== Segment start ==

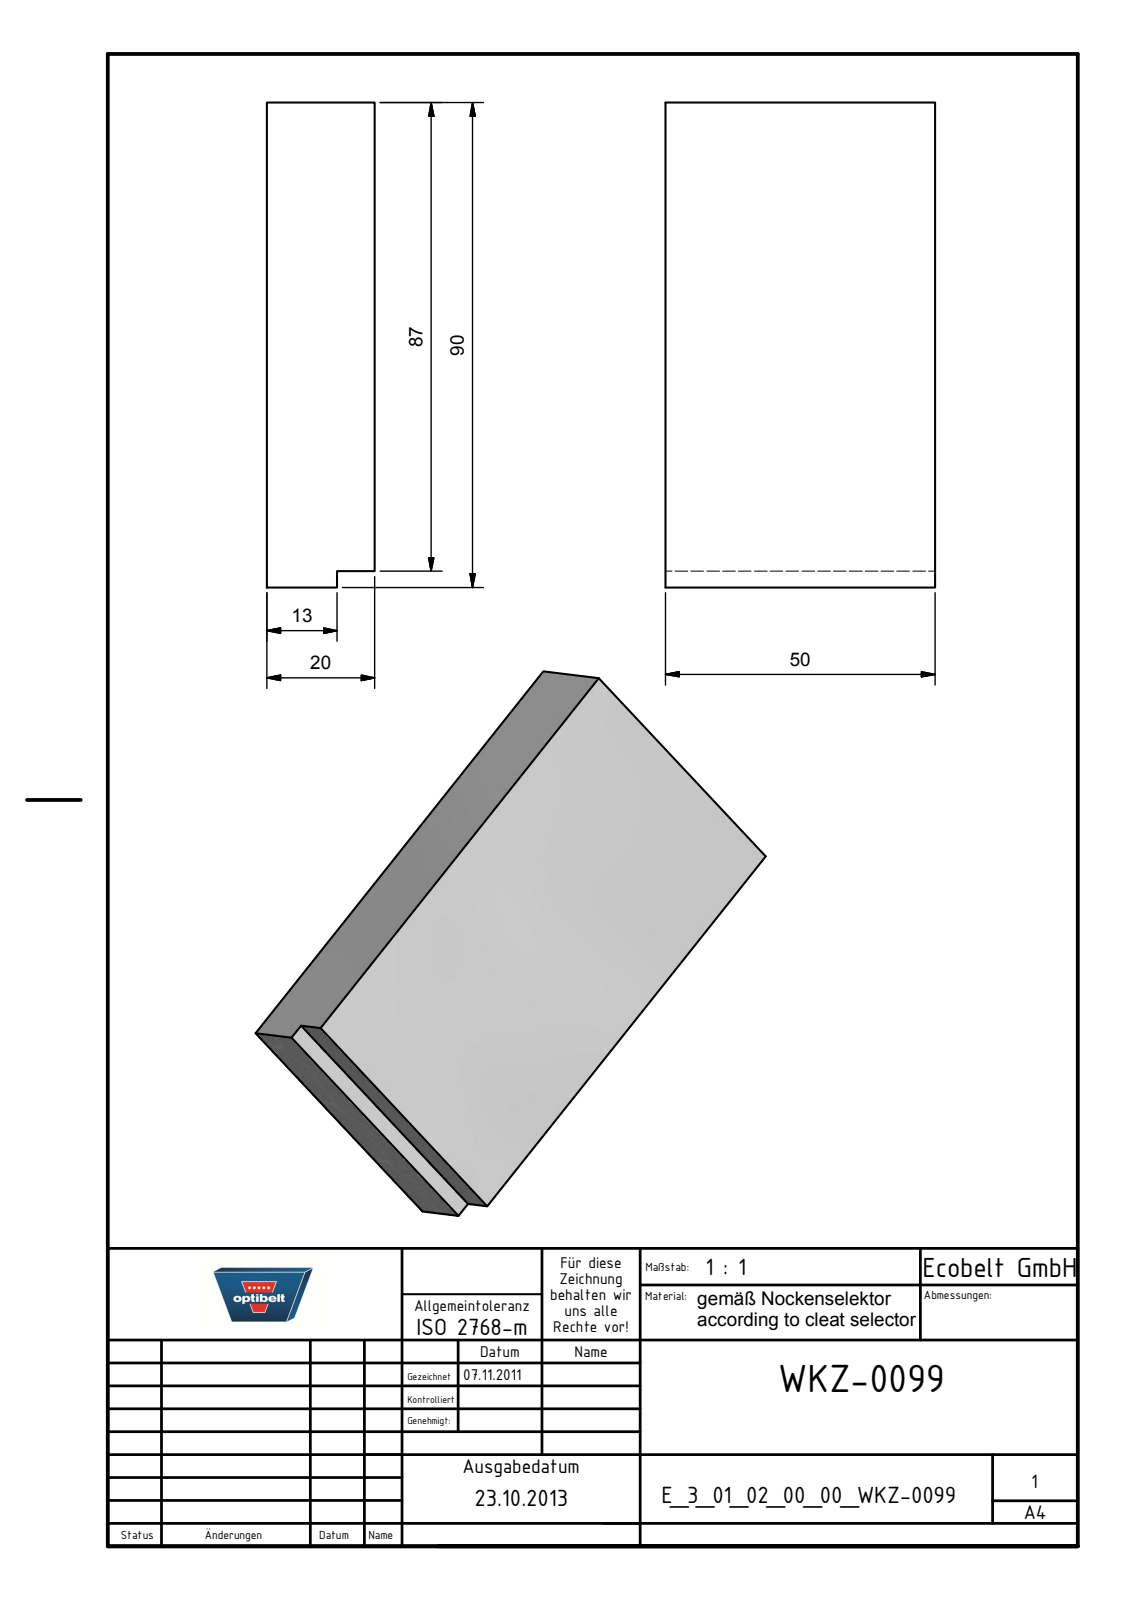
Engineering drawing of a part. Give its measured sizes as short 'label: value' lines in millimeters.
name: E_3_01_02_00_00_WKZ-0099
written by: Autodesk Inventor 2021 (AUTOMOTIVE_DESIGN)
unit: mm
bodies: 1 solid, 8 faces (8 planar, 0 cylindrical, 0 other)
size: 90 × 50 × 20
volume: 88 950 mm³; area: 14 558 mm²
face distances: 20, 50, 90, 3, 87, 13, 7

== Segment end ==

## Task requirements
Reproduce each entry exactly, without the pictures.

## Answer to the exercise
Engineering drawing of a part. Give its measured sizes as short 'label: value' lines in millimeters.
name: E_3_01_02_00_00_WKZ-0099
written by: Autodesk Inventor 2021 (AUTOMOTIVE_DESIGN)
unit: mm
bodies: 1 solid, 8 faces (8 planar, 0 cylindrical, 0 other)
size: 90 × 50 × 20
volume: 88 950 mm³; area: 14 558 mm²
face distances: 20, 50, 90, 3, 87, 13, 7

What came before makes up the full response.